Exercise objective:
Extract all lines in the data that contain the word "layer".

Exercise materials:
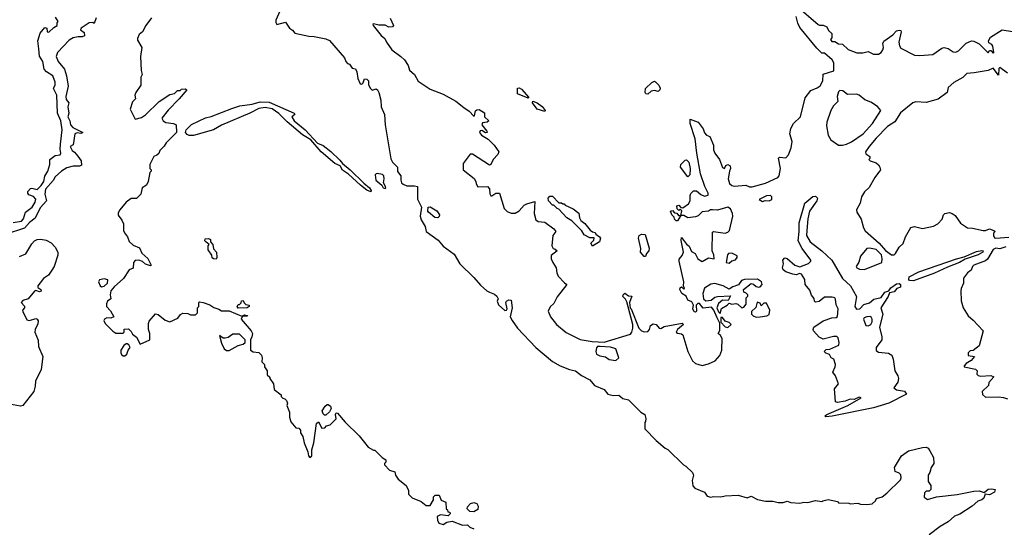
# Model space of a CAD drawing. Extents: x 2210602 to 2357277, y 510288 to 673808.
# Tile 285 of 464: x 2303980 to 2311621, y 580661 to 584600. Entities that reach past the tile are written whole.
import ezdxf

# ---------------------------------------------------------------- set-up
doc = ezdxf.new("R2010")
doc.units = 0

msp = doc.modelspace()

# ---------------------------------------------------------------- linework, layer by layer
at = {"layer": '0CON05XD'}
for points in [[(2305997.5, 584665), (2305968.8, 584595), (2305967, 584577), (2305975, 584562.5), (2306041.7, 584581.7), (2306073.6, 584533.6), (2306097.7, 584517.7), (2306116.1, 584496.1), (2306225, 584471.2), (2306265, 584470), (2306355, 584452.5), (2306385, 584437.5), (2306500, 584305), (2306510, 584275), (2306525, 584260), (2306540, 584255), (2306560, 584225), (2306585, 584217.5), (2306596.7, 584195), (2306603, 584143), (2306621.7, 584101.7), (2306635, 584100), (2306645, 584110), (2306655, 584140), (2306675, 584137.5), (2306686.4, 584126.4), (2306686.7, 584095), (2306703.3, 584065), (2306715, 584053.3), (2306745, 584062.5), (2306756.1, 584056.1), (2306765.7, 584035.7), (2306781.2, 583975), (2306784.4, 583925), (2306810, 583865), (2306817.1, 583785), (2306860.7, 583520.7), (2306873.6, 583493.6), (2306912.5, 583455), (2306910.7, 583420.7), (2306937.5, 583387.5), (2306936.7, 583355), (2306943.3, 583335), (2306955, 583323.3), (2306985, 583311.2), (2307045, 583311.2), (2307067.5, 583305), (2307067.5, 583207.5), (2307097.5, 583145), (2307086.7, 583075), (2307096.4, 583046.4), (2307127.5, 582995), (2307133.3, 582955), (2307228.3, 582888.3), (2307265, 582843.3), (2307351.2, 582781.2), (2307395, 582706), (2307505, 582598.8), (2307555, 582540), (2307606.2, 582495), (2307626.4, 582486.4), (2307665, 582469.5), (2307682, 582455), (2307692.5, 582435), (2307686.2, 582415), (2307695, 582387.5), (2307745, 582342), (2307757.5, 582345), (2307763.3, 582355), (2307753.3, 582405), (2307757.5, 582415), (2307775, 582426.7), (2307793, 582423), (2307802, 582365), (2307786.2, 582295), (2307800.8, 582265), (2307843.3, 582205), (2307985.6, 582055.6), (2308115, 581948.7), (2308175, 581914.5), (2308246.1, 581886.1), (2308293.3, 581875), (2308339.4, 581839.4), (2308403.8, 581805), (2308441.2, 581761.2), (2308515, 581730), (2308545, 581693.3), (2308584.1, 581684.1), (2308630, 581685), (2308659.3, 581659.3), (2308705, 581650), (2308800, 581555), (2308830, 581535), (2308840, 581505), (2308837, 581483), (2308830, 581475), (2308830, 581425), (2308920, 581335), (2308990, 581275), (2309010, 581265), (2309130, 581145), (2309150, 581135), (2309200, 581085), (2309207.5, 581065), (2309197.5, 581025), (2309203, 580983), (2309220, 580965), (2309295, 580932.5), (2309315, 580902.5), (2309343.9, 580893.9), (2309365, 580900), (2309421.7, 580898.3), (2309455, 580906), (2309555, 580910), (2309625, 580888.8), (2309655, 580903.3), (2309705, 580876.7), (2309767, 580863), (2309825, 580862.5), (2309865, 580852.5), (2309905, 580852.5), (2309935, 580862.5), (2309965, 580852.5), (2310035, 580847.5), (2310065, 580856.7), (2310095, 580852.5), (2310155, 580867.5), (2310205, 580860), (2310213, 580867), (2310255, 580876.7), (2310325, 580860), (2310335, 580850), (2310415, 580847.5), (2310425, 580842.5), (2310485, 580847.5), (2310505, 580840), (2310555, 580837.5), (2310595, 580842.5), (2310620, 580865), (2310630, 580885), (2310671.7, 580898.3), (2310710, 580925), (2310815, 581030), (2310820, 581045), (2310817, 581067), (2310805, 581080), (2310773.6, 581093.6), (2310767.5, 581125), (2310822.5, 581215), (2310876.1, 581253.9), (2310985, 581280), (2311015, 581282.5), (2311030, 581275), (2311042.5, 581255), (2311071.7, 581201.7), (2311072.5, 581155), (2311052.5, 581125), (2311042.5, 581085), (2311030, 581065), (2311030, 581015), (2311050, 580985), (2311050, 580955), (2311038.3, 580941.7), (2311015, 580940), (2311001.7, 580928.3), (2311000, 580895), (2311013, 580883), (2311025, 580877.5), (2311093.6, 580896.4), (2311255, 580916.2), (2311385, 580941.2), (2311425, 580943.3), (2311465, 580930), (2311495, 580956.7), (2311525, 580960), (2311550, 580955), (2311545, 580932.5), (2311505, 580912.5), (2311471.7, 580918.3), (2311462.5, 580887.5), (2311446.1, 580873.9), (2311415, 580862.5), (2311370, 580825), (2311275, 580762.5), (2311235, 580747.5), (2311185, 580702.5), (2311123.9, 580666.1), (2311038.3, 580601.7)], [(2310008.3, 584708.3), (2310175, 584562.5), (2310187, 584557), (2310215, 584558), (2310242.5, 584545), (2310256.4, 584516.4), (2310281.7, 584491.7), (2310281.7, 584458.3), (2310272.5, 584445), (2310281.7, 584431.7), (2310305, 584430), (2310333, 584413), (2310365, 584410), (2310408.3, 584368.3), (2310475, 584343.3), (2310523.6, 584343.6), (2310565, 584352), (2310605, 584332.2), (2310645, 584332.5), (2310665.3, 584344.7), (2310678.6, 584365), (2310684, 584385), (2310676.7, 584415), (2310685, 584433.3), (2310756.4, 584483.6), (2310785, 584514), (2310805, 584518), (2310816.7, 584515), (2310821.2, 584505), (2310801.9, 584425), (2310807.2, 584397.2), (2310818.9, 584378.9), (2310924.2, 584324.2), (2310965, 584322.9)], [(2304572.5, 584615), (2304558.3, 584571.7), (2304547.5, 584577.5), (2304520, 584575), (2304456.7, 584535), (2304452.3, 584522.3), (2304480.5, 584500.5), (2304483.3, 584475), (2304465, 584466.2), (2304435, 584467.5), (2304395, 584458.8), (2304365, 584441.2), (2304273.6, 584346.4), (2304263.8, 584315), (2304277.5, 584275), (2304326.8, 584216.8), (2304344.5, 584165), (2304355.3, 584085), (2304337.1, 584005), (2304341.7, 583981.7), (2304361.2, 583955), (2304352.5, 583925), (2304362.5, 583875), (2304354, 583845), (2304370, 583815), (2304373.8, 583785), (2304393.3, 583763.3), (2304470, 583725), (2304455, 583716.2), (2304425, 583722.9), (2304406.9, 583713.1), (2304395, 583630), (2304372.5, 583615), (2304386.7, 583585), (2304405, 583572.5), (2304430.3, 583540.3), (2304458.2, 583505), (2304458.7, 583471.3), (2304445, 583463.2), (2304395, 583463.2), (2304345, 583451.5), (2304304.4, 583425), (2304255, 583380.8), (2304239.1, 583350.9), (2304180.8, 583285), (2304175.9, 583245), (2304187.1, 583195), (2304138.9, 583141.1), (2304100.6, 583059.4), (2304055, 583025.5), (2304016.7, 582983.3), (2303875, 582936.4)], [(2303930, 583025), (2303995, 583037.1), (2304009.1, 583055), (2304025.5, 583105), (2304077.5, 583145), (2304100, 583185), (2304105, 583207.5), (2304088.3, 583228.3), (2304050.5, 583240.5), (2304042, 583255), (2304043, 583267), (2304065, 583291.2), (2304075, 583293.8), (2304115, 583281.2), (2304147.1, 583312.9), (2304166.1, 583345), (2304174.7, 583385.3), (2304199.4, 583425), (2304212.7, 583475), (2304214.2, 583515), (2304255, 583546), (2304295, 583552.5), (2304300, 583565), (2304294.2, 583594.2), (2304295.8, 583634.2), (2304308.6, 583745), (2304298.6, 583815), (2304273.5, 583875), (2304269.2, 584015), (2304242.5, 584065), (2304256.2, 584095), (2304254.2, 584115), (2304236.2, 584165), (2304188.8, 584195), (2304170.8, 584215), (2304158.9, 584275), (2304134.2, 584315.8), (2304128.1, 584375), (2304122, 584435), (2304140, 584495), (2304175, 584540), (2304190, 584535), (2304192.5, 584505), (2304205, 584502.5), (2304245, 584540), (2304270, 584555), (2304270, 584575), (2304277.5, 584585), (2304258.3, 584618.3)], [(2305003.8, 584615), (2304960, 584555), (2304933.6, 584506.4), (2304907.5, 584485), (2304893.3, 584455), (2304895, 584440), (2304926.7, 584385), (2304916.2, 584315), (2304922.5, 584205), (2304930, 584175), (2304920, 584155), (2304918.8, 584091.2), (2304880, 584035), (2304873.8, 584015), (2304877.5, 583985), (2304855, 583962.5), (2304836.7, 583905), (2304875, 583827.5), (2304925, 583841.4), (2304957.1, 583862.9), (2305063.6, 583966.4), (2305145, 584018.8), (2305181.7, 584028.3), (2305205, 584050), (2305225, 584050), (2305235, 584060), (2305265, 584062.5), (2305277.5, 584055), (2305218.8, 583985), (2305132.6, 583897.4), (2305083.8, 583835), (2305092.5, 583815), (2305115, 583802.5), (2305173.3, 583793.3), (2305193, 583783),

Written answer:
# ---------------------------------------------------------------- linework, layer by layer
at = {"layer": '0CON05XD'}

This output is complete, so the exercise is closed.